YOUR TASK
Transcribe, with complete accuracy, all of the entries below except for the pictures.

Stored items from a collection
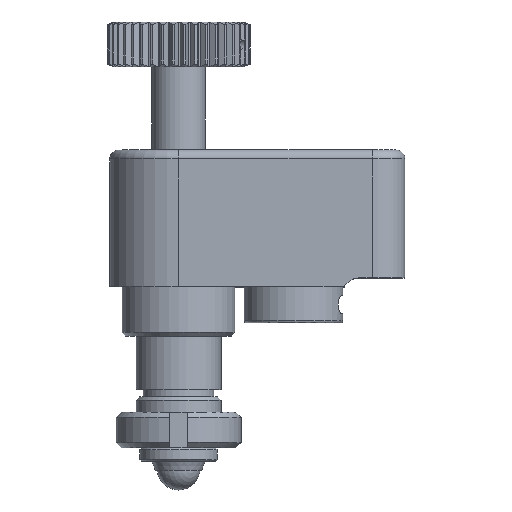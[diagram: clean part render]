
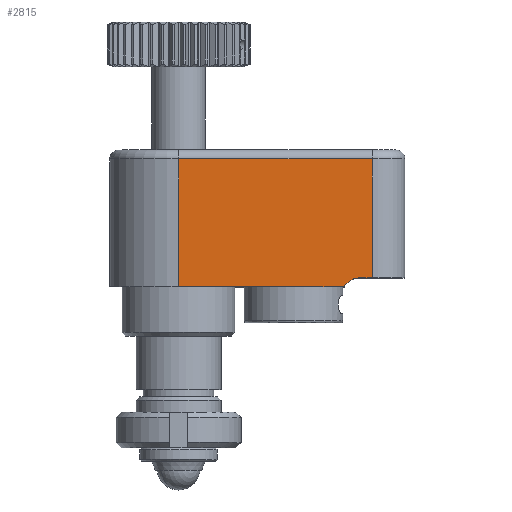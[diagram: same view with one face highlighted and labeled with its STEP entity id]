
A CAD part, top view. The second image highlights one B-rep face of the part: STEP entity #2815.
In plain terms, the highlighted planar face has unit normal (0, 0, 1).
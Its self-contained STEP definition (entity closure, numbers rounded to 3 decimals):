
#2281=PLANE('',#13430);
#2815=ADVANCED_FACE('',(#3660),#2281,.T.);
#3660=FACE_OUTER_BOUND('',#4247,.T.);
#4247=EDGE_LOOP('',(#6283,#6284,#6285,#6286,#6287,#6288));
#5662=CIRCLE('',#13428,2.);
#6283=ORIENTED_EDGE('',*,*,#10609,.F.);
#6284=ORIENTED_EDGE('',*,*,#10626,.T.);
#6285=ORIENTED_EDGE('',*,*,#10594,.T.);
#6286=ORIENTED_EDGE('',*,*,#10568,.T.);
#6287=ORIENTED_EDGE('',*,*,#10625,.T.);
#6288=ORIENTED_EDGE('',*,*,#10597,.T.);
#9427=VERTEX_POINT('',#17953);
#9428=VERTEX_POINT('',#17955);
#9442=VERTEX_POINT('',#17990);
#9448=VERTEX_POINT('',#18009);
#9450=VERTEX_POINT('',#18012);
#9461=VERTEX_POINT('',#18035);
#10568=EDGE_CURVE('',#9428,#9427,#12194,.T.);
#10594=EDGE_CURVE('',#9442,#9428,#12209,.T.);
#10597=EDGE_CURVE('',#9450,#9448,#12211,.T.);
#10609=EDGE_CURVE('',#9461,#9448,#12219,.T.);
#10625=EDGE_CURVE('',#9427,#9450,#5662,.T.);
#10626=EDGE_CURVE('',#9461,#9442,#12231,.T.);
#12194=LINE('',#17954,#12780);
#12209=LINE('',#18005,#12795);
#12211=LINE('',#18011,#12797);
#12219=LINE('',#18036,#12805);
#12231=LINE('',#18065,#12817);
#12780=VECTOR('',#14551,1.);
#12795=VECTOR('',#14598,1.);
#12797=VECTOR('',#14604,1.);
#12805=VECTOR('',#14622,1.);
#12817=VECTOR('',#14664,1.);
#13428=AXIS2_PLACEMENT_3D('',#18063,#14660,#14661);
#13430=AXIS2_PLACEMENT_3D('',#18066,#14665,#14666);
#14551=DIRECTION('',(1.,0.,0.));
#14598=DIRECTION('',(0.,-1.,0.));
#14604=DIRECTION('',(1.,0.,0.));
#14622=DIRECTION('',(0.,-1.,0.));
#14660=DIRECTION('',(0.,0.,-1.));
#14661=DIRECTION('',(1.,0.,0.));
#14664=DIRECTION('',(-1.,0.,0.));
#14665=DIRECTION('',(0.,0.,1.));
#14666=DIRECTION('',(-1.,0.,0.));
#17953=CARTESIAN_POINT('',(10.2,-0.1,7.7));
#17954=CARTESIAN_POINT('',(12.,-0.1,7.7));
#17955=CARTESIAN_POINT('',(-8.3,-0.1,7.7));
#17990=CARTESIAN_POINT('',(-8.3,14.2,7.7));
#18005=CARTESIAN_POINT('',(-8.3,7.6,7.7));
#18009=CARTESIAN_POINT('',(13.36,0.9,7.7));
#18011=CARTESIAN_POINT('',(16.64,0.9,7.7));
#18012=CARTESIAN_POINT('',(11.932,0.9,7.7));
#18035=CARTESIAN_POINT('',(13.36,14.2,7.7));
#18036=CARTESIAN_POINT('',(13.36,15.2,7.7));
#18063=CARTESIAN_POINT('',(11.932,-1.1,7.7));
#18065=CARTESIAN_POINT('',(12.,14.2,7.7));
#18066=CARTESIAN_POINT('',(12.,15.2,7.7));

WORKED SOLUTION
[diagram: clean part render]
[diagram: same view with one face highlighted and labeled with its STEP entity id]
A CAD part, top view. The second image highlights one B-rep face of the part: STEP entity #2815.
In plain terms, the highlighted planar face has unit normal (0, 0, 1).
Its self-contained STEP definition (entity closure, numbers rounded to 3 decimals):
#2281=PLANE('',#13430);
#2815=ADVANCED_FACE('',(#3660),#2281,.T.);
#3660=FACE_OUTER_BOUND('',#4247,.T.);
#4247=EDGE_LOOP('',(#6283,#6284,#6285,#6286,#6287,#6288));
#5662=CIRCLE('',#13428,2.);
#6283=ORIENTED_EDGE('',*,*,#10609,.F.);
#6284=ORIENTED_EDGE('',*,*,#10626,.T.);
#6285=ORIENTED_EDGE('',*,*,#10594,.T.);
#6286=ORIENTED_EDGE('',*,*,#10568,.T.);
#6287=ORIENTED_EDGE('',*,*,#10625,.T.);
#6288=ORIENTED_EDGE('',*,*,#10597,.T.);
#9427=VERTEX_POINT('',#17953);
#9428=VERTEX_POINT('',#17955);
#9442=VERTEX_POINT('',#17990);
#9448=VERTEX_POINT('',#18009);
#9450=VERTEX_POINT('',#18012);
#9461=VERTEX_POINT('',#18035);
#10568=EDGE_CURVE('',#9428,#9427,#12194,.T.);
#10594=EDGE_CURVE('',#9442,#9428,#12209,.T.);
#10597=EDGE_CURVE('',#9450,#9448,#12211,.T.);
#10609=EDGE_CURVE('',#9461,#9448,#12219,.T.);
#10625=EDGE_CURVE('',#9427,#9450,#5662,.T.);
#10626=EDGE_CURVE('',#9461,#9442,#12231,.T.);
#12194=LINE('',#17954,#12780);
#12209=LINE('',#18005,#12795);
#12211=LINE('',#18011,#12797);
#12219=LINE('',#18036,#12805);
#12231=LINE('',#18065,#12817);
#12780=VECTOR('',#14551,1.);
#12795=VECTOR('',#14598,1.);
#12797=VECTOR('',#14604,1.);
#12805=VECTOR('',#14622,1.);
#12817=VECTOR('',#14664,1.);
#13428=AXIS2_PLACEMENT_3D('',#18063,#14660,#14661);
#13430=AXIS2_PLACEMENT_3D('',#18066,#14665,#14666);
#14551=DIRECTION('',(1.,0.,0.));
#14598=DIRECTION('',(0.,-1.,0.));
#14604=DIRECTION('',(1.,0.,0.));
#14622=DIRECTION('',(0.,-1.,0.));
#14660=DIRECTION('',(0.,0.,-1.));
#14661=DIRECTION('',(1.,0.,0.));
#14664=DIRECTION('',(-1.,0.,0.));
#14665=DIRECTION('',(0.,0.,1.));
#14666=DIRECTION('',(-1.,0.,0.));
#17953=CARTESIAN_POINT('',(10.2,-0.1,7.7));
#17954=CARTESIAN_POINT('',(12.,-0.1,7.7));
#17955=CARTESIAN_POINT('',(-8.3,-0.1,7.7));
#17990=CARTESIAN_POINT('',(-8.3,14.2,7.7));
#18005=CARTESIAN_POINT('',(-8.3,7.6,7.7));
#18009=CARTESIAN_POINT('',(13.36,0.9,7.7));
#18011=CARTESIAN_POINT('',(16.64,0.9,7.7));
#18012=CARTESIAN_POINT('',(11.932,0.9,7.7));
#18035=CARTESIAN_POINT('',(13.36,14.2,7.7));
#18036=CARTESIAN_POINT('',(13.36,15.2,7.7));
#18063=CARTESIAN_POINT('',(11.932,-1.1,7.7));
#18065=CARTESIAN_POINT('',(12.,14.2,7.7));
#18066=CARTESIAN_POINT('',(12.,15.2,7.7));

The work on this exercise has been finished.